Uploading images from class folders, resizing to 128x128, normalization
Calculating the imbalance of classes (how many forks, how many spoons)
Division of data into train/test (stratified, 75%/25%)
** Model Assembly** — convolutional network with BatchNorm and Dropout
Balanced batches — so that in each butch had both classes equally
Augmentation — doubling samples in the dataset by reflection and highlighting
Learning cycle — forward pass, loss calculation, backward pass, weight update
Quality assessment — accuracy, precision, recall on the test
Early stopping — stop if there are no improvements 8 epochs
Saving the best model

include("$(@__DIR__)/_scripts/train.jl")
model, classes = train_model(DATA_DIR; epochs=25, batch_size=16, lr=0.0005, test_split=0.25);

Batch size: 16, Learning rate: 0.0005
Percentage of the test sample: 25.0%
Найдено классов: 2: ["fork", "spoon"]

=== Class distribution ===

Total images: 335 (128×128)
  Fork: 189 images (56.4%)
  spoon: 146 images (43.6%)

=== Data separation ===
  Training: 252 (75.2%)
  Test results: 83 (24.8%)
Model parameters: 607810

=== Training ===
  Epoch 1/25, Train Loss: 1.3937, Train Acc: 44.4%, Test Acc: 44.6% ★ (precision/recall by class: fork: 65.2%/31.9%, Spoon: 46.7%/77.8%)
  Epoch 2/25, Train Loss: 1.3289, Train Acc: 48.0%, Test Acc: 42.2% (precision/recall by class: fork: 75.0%/12.8%, spoon: 45.3%/94.4%)
  Epoch 3/25, Train Loss: 1.3427, Train Acc: 66.3%, Test Acc: 61.4% ★ (precision/recall by class: fork: 63.8%/78.7%, Spoon: 60.0%/41.7%)
  Epoch 4/25, Train Loss: 1.1816, Train Acc: 57.1%, Test Acc: 49.4% (precision/recall by class: fork: 72.7%/17.0%, spoon: 45.8%/91.7%)
  Epoch 5/25, Train Loss: 1.1303, Train Acc: 79.0%, Test Acc: 75.9% ★ (precision/recall by class: fork: 71.7%/80.9%, spoon: 70.0%/58.3%)
  Epoch 6/25, Train Loss: 1.0433, Train Acc: 73.4%, Test Acc: 68.7% (precision/recall by class: fork: 77.8%/74.5%, spoon: 68.4%/72.2%)
  Epoch 7/25, Train Loss: 0.9447, Train Acc: 78.2%, Test Acc: 67.5% (precision/recall by class: fork: 78.0%/68.1%, spoon: 64.3%/75.0%)
  Epoch 8/25, Train Loss: 0.9592, Train Acc: 79.4%, Test Acc: 73.5% (precision/recall by class: fork: 90.6%/61.7%, spoon: 64.7%/91.7%)
  Epoch 9/25, Train Loss: 1.0558, Train Acc: 84.1%, Test Acc: 75.9% (precision/recall by class: fork: 93.8%/63.8%, Spoon: 66.7%/94.4%)
  Epoch 10/25, Train Loss: 0.8999, Train Acc: 81.3%, Test Acc: 67.5% (precision/recall by class: fork: 78.9%/63.8%, spoon: 62.2%/77.8%)
  Epoch 11/25, Train Loss: 0.97, Train Acc: 86.5%, Test Acc: 75.9% (precision/recall by class: fork: 78.3%/76.6%, spoon: 70.3%/72.2%)
  Epoch 12/25, Train Loss: 0.8364, Train Acc: 89.3%, Test Acc: 75.9% (precision/recall by class: fork: 82.9%/72.3%, spoon: 69.0%/80.6%)
  Epoch 13/25, Train Loss: 0.7675, Train Acc: 79.4%, Test Acc: 66.3% (precision/recall by class: fork: 67.7%/89.4%, spoon: 76.2%/44.4%)

   Early shutdown after 13 epochs (no improvement for 8 epochs)

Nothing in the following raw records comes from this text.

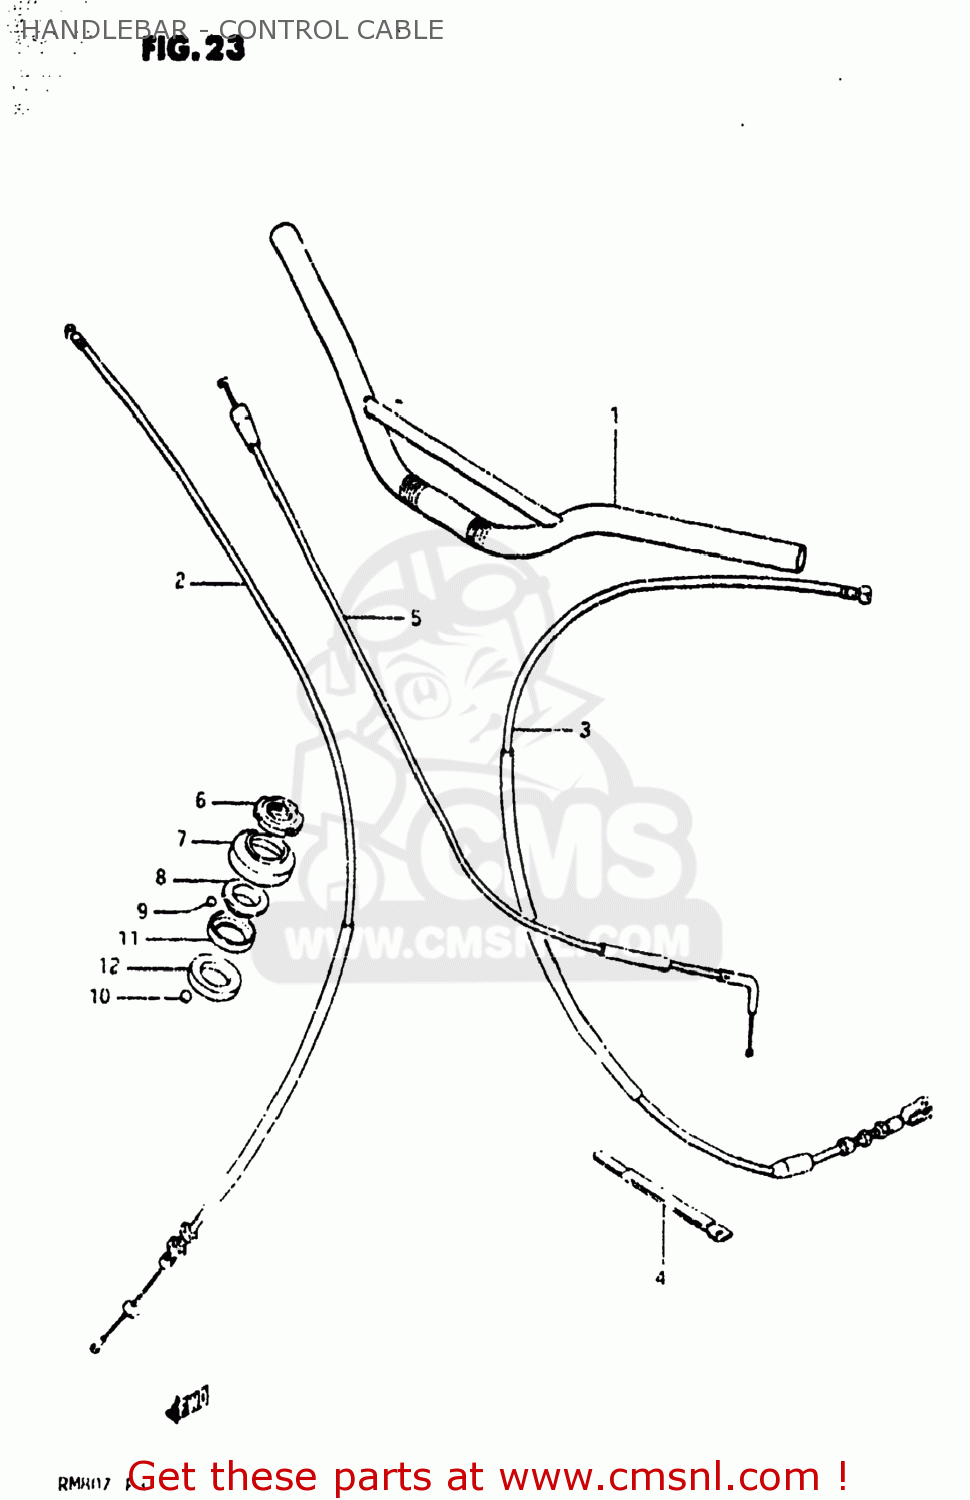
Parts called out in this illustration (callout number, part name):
1	HANDLEBAR
2	CABLE,FRONT BRAKE
3	CABLE ASSEMBLY,CLUTCH
4	CLAMP
5	CABLE ASSEMBLY,THROTTLE
6	NUT,STEERING STEM(25X44X10)
7	DUST SEAL,STEERING UPR
8	RACE,STEERING OUTER UPR
9	BALL
10	BALL
11	RACE,STEERING INNER UPR
12	LACE,STEERING INNER LWR
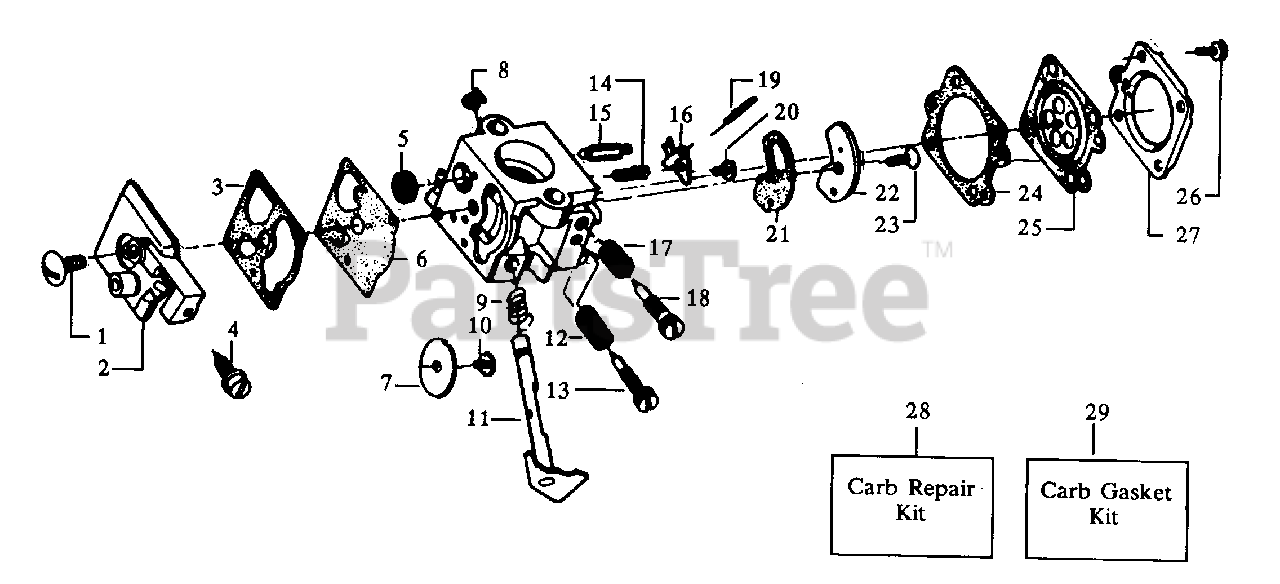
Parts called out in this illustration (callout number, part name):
1	Pump Cover Screw
2	Pump Cover Ass'y. (Inc. #4)
3	Pump Gasket
4	Idle Adjustment Screw
5	Inlet Screen
6	Diaphragm Pump
7	Throttle Valve
8	Throttle Shaft Clip
9	Throttle Return Spring
10	Throttle Valve Screw
11	Shaft Ass'y. - Throttle
12	Idle Needle Spring
13	Idle Needle
14	Metering Lever Spring
15	Inlet Needle Valve
16	Metering Lever
17	Hi Speed Needle Spring
18	Hi Speed Needle
19	Metering Lever Pin
20	Metering Lever Pin Screw
21	Circuit Plate Gasket
22	Circuit Plate
23	Circuit Plate Screw
24	Metering Diaphragm Gasket
25	Metering Diaphragm Ass'y.
26	Metering Cover & Throttle Shaft Clip Ass'y. Screw
27	Metering Diaphragm Cover
28	Carb Kwik Repair Kit
29	Carb. Gasket/Diaphragm Kit
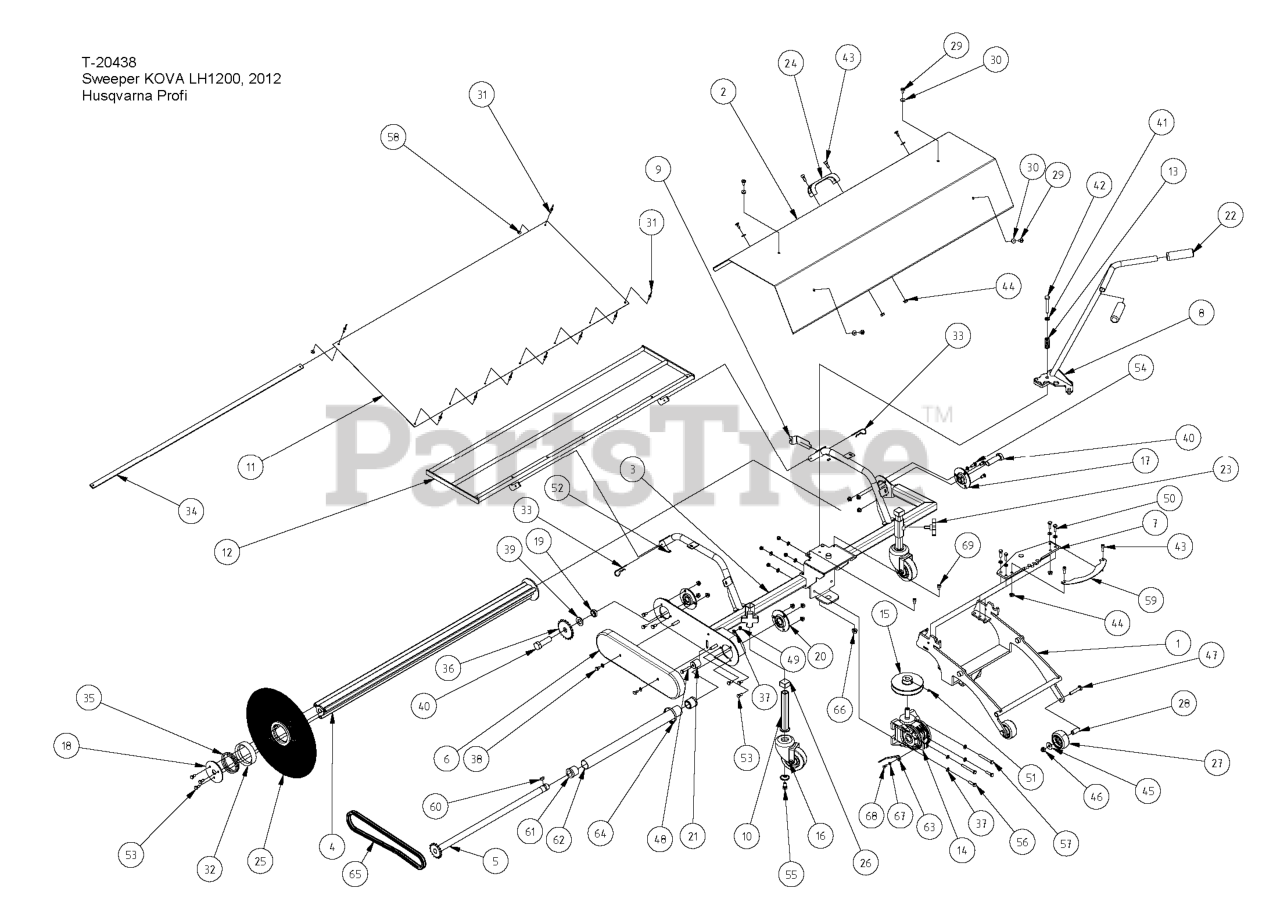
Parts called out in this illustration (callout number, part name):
11	PROTECTION
14	GEAR BOX ASSY
16	SUPPORT WHEEL
21	CHAIN ADJUSTER
27	SUPPORT WHEEL
28	COLLAR
33	COTTER PIN
44	NUT LOCKING
70	DECAL.HUSQVARNA.210MM
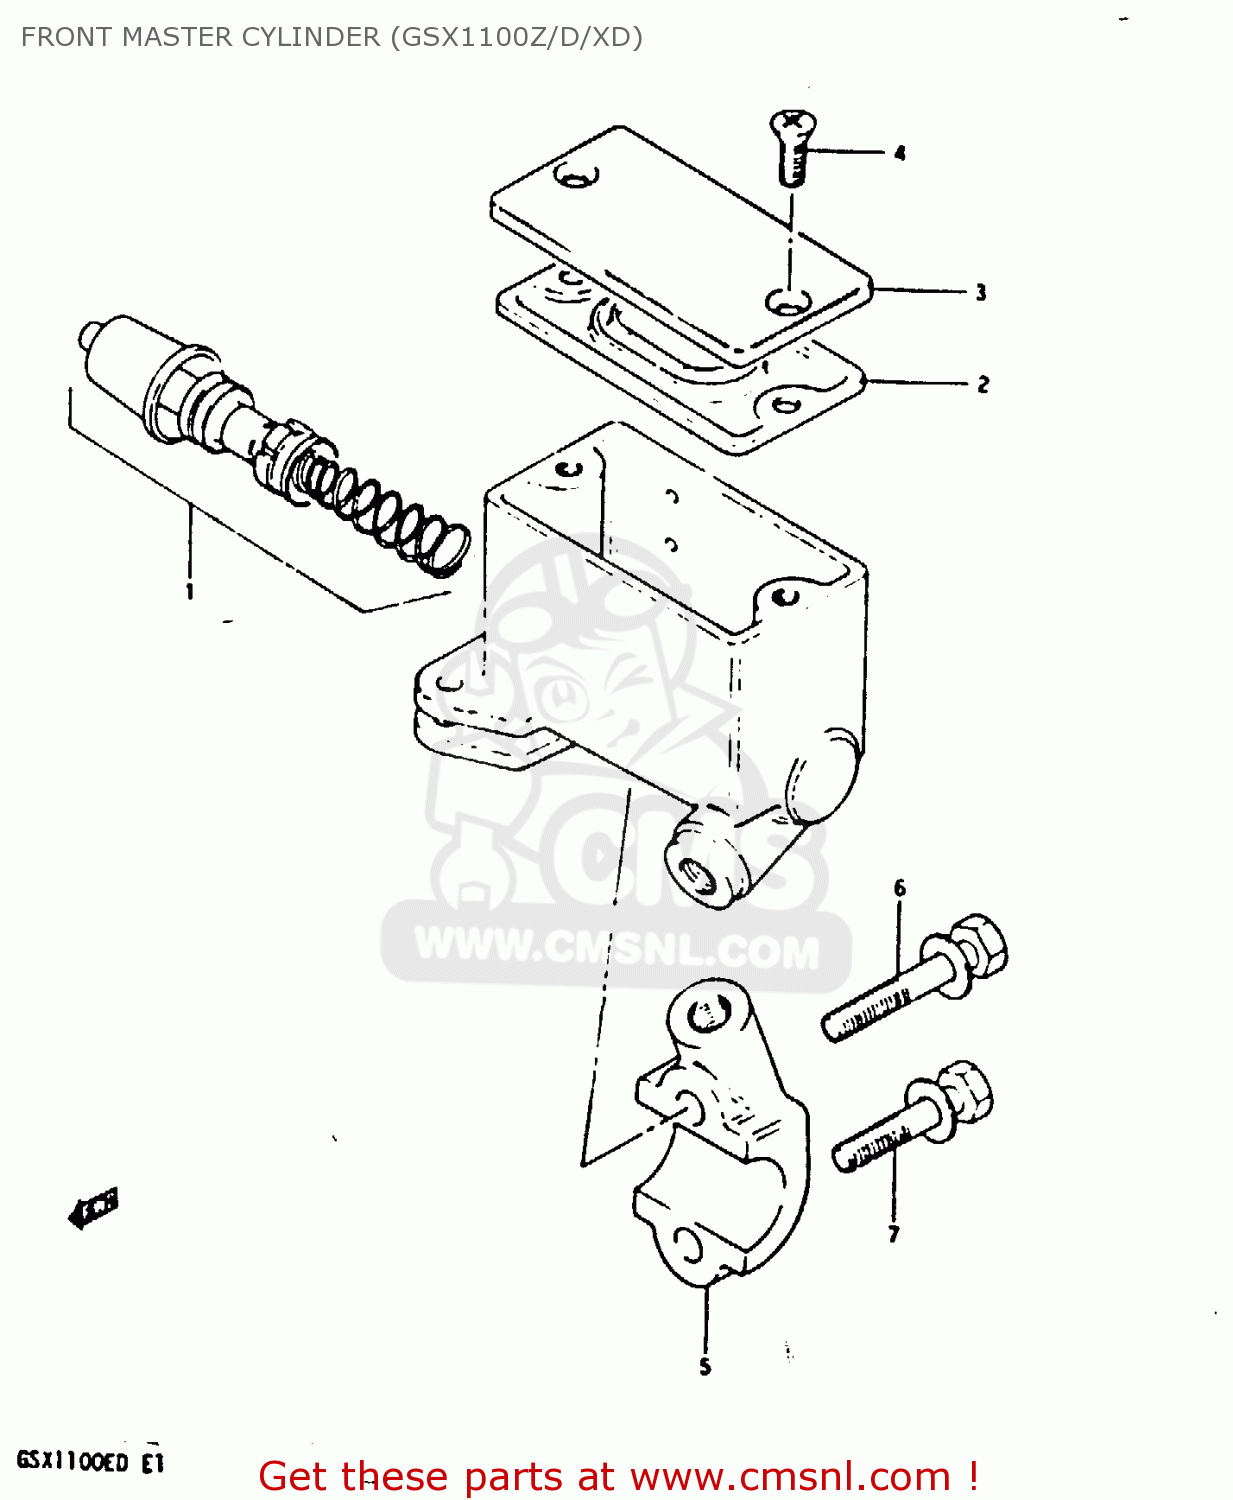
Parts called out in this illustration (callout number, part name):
1	PISTON & CUP SET
2	DIAPHRAGM,MASTER CYLINDER
3	CAP
4	SCREW
5	HOLDER
6	BOLT,MASTER CYLINDER H
7	BOLT,MASTER CYLINDER H
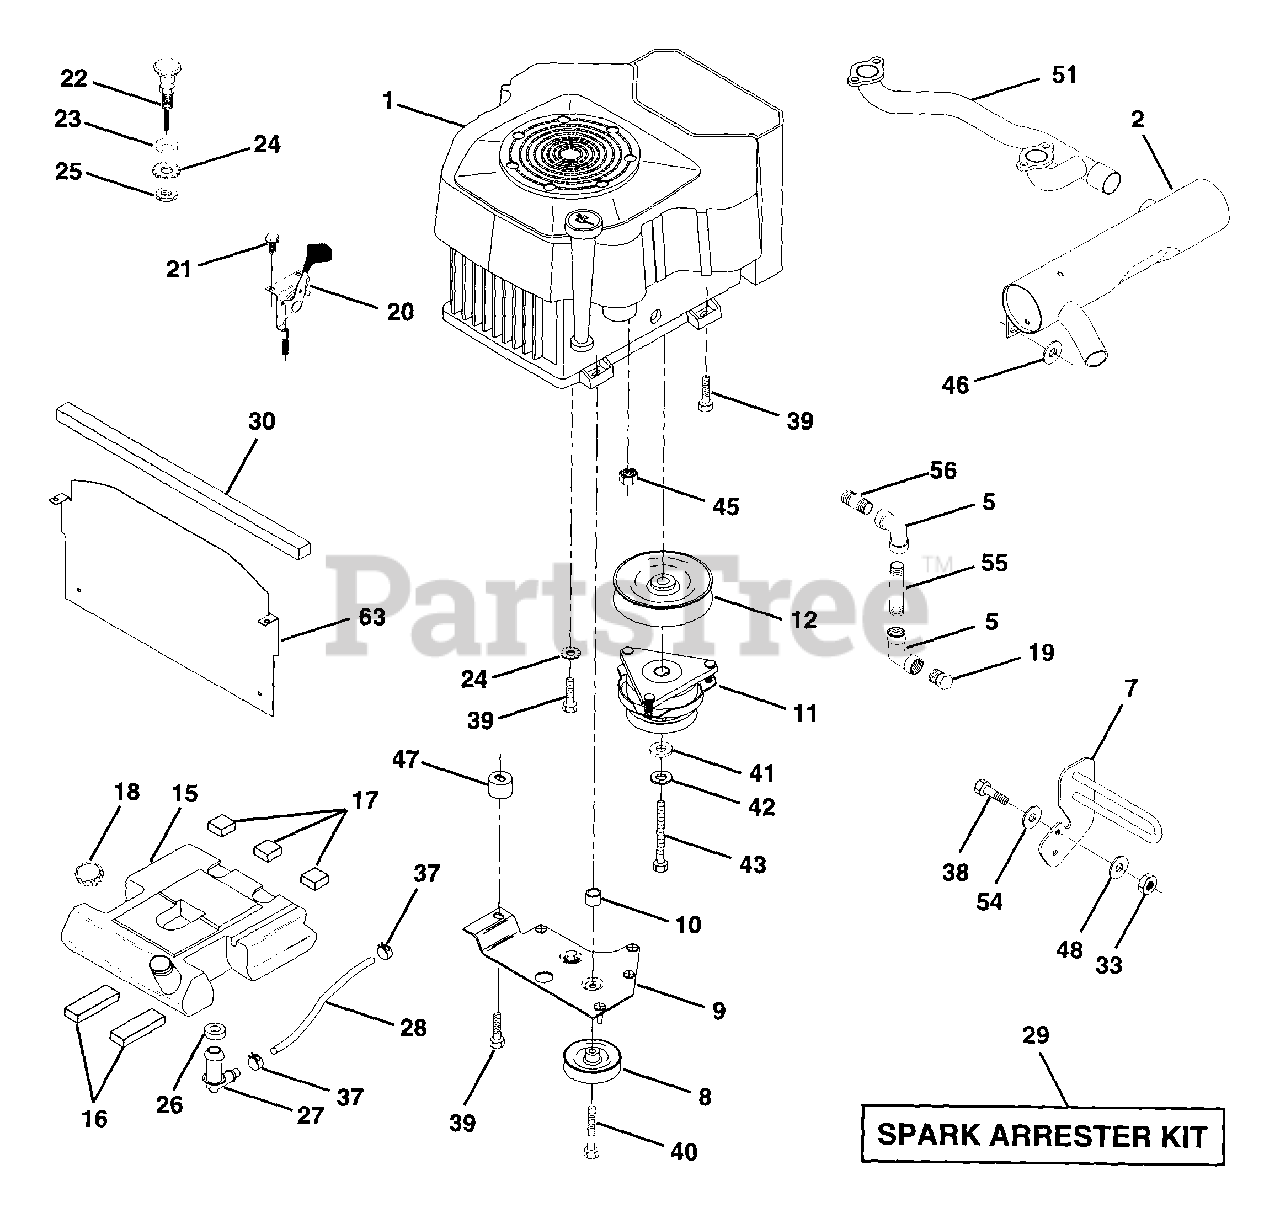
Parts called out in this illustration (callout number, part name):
2	Muffler VGT Cylinder
5	Elbow STD 90 Degree 3/8 - 18 NPT
7	Muffler Assembly Guard
8	Pulley V-idler
9	Stop Keeper Asm VGT
11	Clutch Electric
12	Pulley Engine VGT Elect Clutch
15	Tank Fuel W/Sym Vented
16	Pad Spacer
17	Pad Spacer
18	Cap Asm Fuel W/Sym Vented
19	Plug Oil Drain
20	Control Throttle
21	Screw Hex Thd Cut 1/4 - 20 X 5/8
22	Control Choke
23	Washer 13/32 X 13/16 x 16 Ga
24	Washer Ext Tooth 3/8
25	Nut Fin Hex 3/8 - 24 UNF
26	Bushing
27	Stem Tank Fuel
28	Fuel Line
29	Spark Arrester Kit
30	Strip Foam 18"
33	Nut, Hex W/Ins. 3/8-16 UNC
37	Clamp Hose
38	Bolt, Fin Hex 3/8-16 UNC x 1-1/2
39	Screw TT 3/8-16 x 2-1/4 UNC
40	Screw TT 3/8-16 x 4 UNC
41	Washer 1-1/2 OD X 15/32 ID X .250
42	Washer Lock 7/16
43	Bolt Hex 7/16-20 X 4-1/4 Ga 5
45	Nut, Flange 1/4-20 Starter Nut
46	Washer 13/32 x 1 x 16 Ga.
47	Spacer Engine CV22 Round PM
48	Washer 13/32 x 1-1/4 x 7 Ga.
51	Pipe Crossover CV22
54	Washer Flat 13/32 x 7/8 x 14 Ga.
55	Nipple, Pipe 3/8 N.P.T. x 4-1/2
56	Nipple, Pipe 3/8 NPT x 1.00
63	Shield, Heat VGT 22 HP YP/Husq.
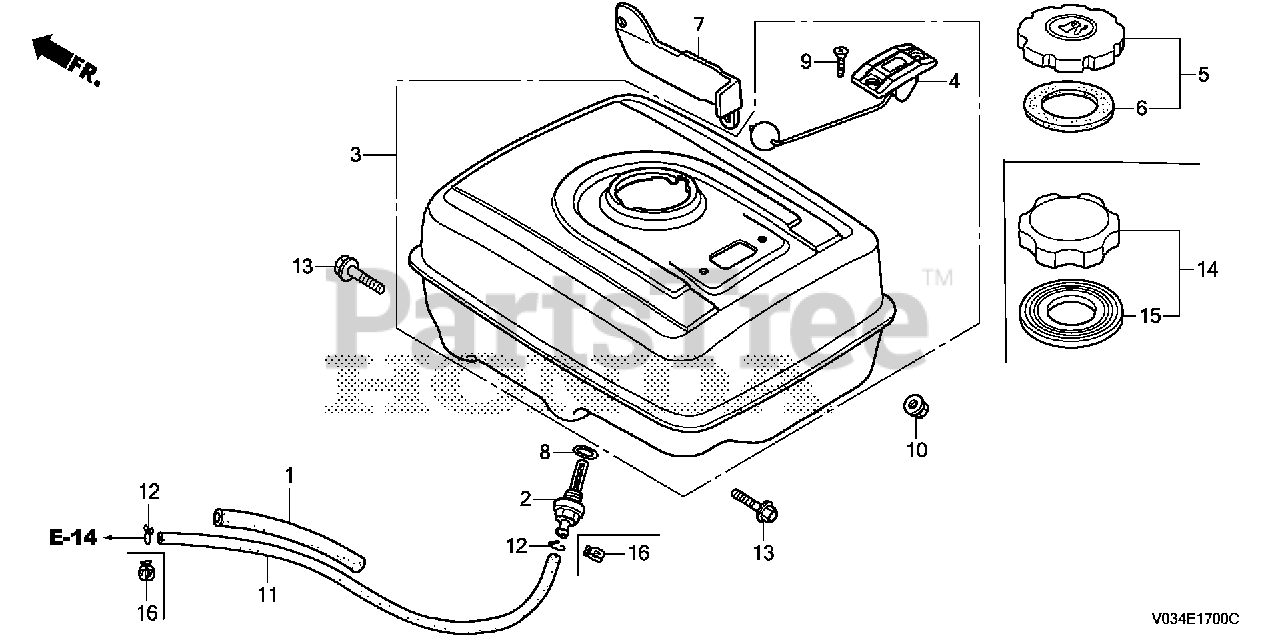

The best model loaded (Test Acc: 75.9%)

=== Results ===
  Better accuracy on the test: 75.9%

  Train/test accuracy: 78.2% / 72.3%
  ✓ No retraining (5.9% gap)
The training is completed! 🚀
The model is saved in model.bson

After training, we will transform how the model behaves. The script performs the following steps:

Loading the model, metadata, and unknown images — The network architecture, weights, class names, and number of examples in each class of the training set are extracted from the BSON file, and the model is switched to evaluation mode. The specified folder is scanned, each image is reduced to a size of 128×128, normalized to the range [-1, 1] and converted to the tensor format W×H×C
Classification of each image — the tensor is fed to the input of the model, the output logits are converted into probabilities via softmax, the class with the maximum probability and the corresponding confidence are determined, and the grouping by classes
Sorting by confidence and statistics output — Within each class, images are sorted from the most confident predictions to the least confident. Number of predicted images, percentage of total, average, maximum and minimum confidence
Bias analysis — comparison of the percentage of predictions of each class with the percentage of this class in the training set, indicator output

include("$(@__DIR__)/_scripts/visualize.jl")
results = classify_and_visualize(UNKNOWN_DIR);

=== Statistics of the training set ===
  Fork: 189 images
  spoon: 146 images

=== Classification results ===
  fork:
    Quantity: 5 (50.0%)
    Average confidence: 0.902
    Max/min confidence: 1.0 / 0.752
  spoon:
    Quantity: 5 (50.0%)
    Average confidence: 0.626
    Max/min confidence: 0.692 / 0.578

=== Bias analysis ===
  fork: 50.0% predicted vs 56.4% trained ✓
  spoon: 50.0% predicted vs 43.6% trained ✓

We will classify all the images from the "unknown" folder and output up to 10 images for each class.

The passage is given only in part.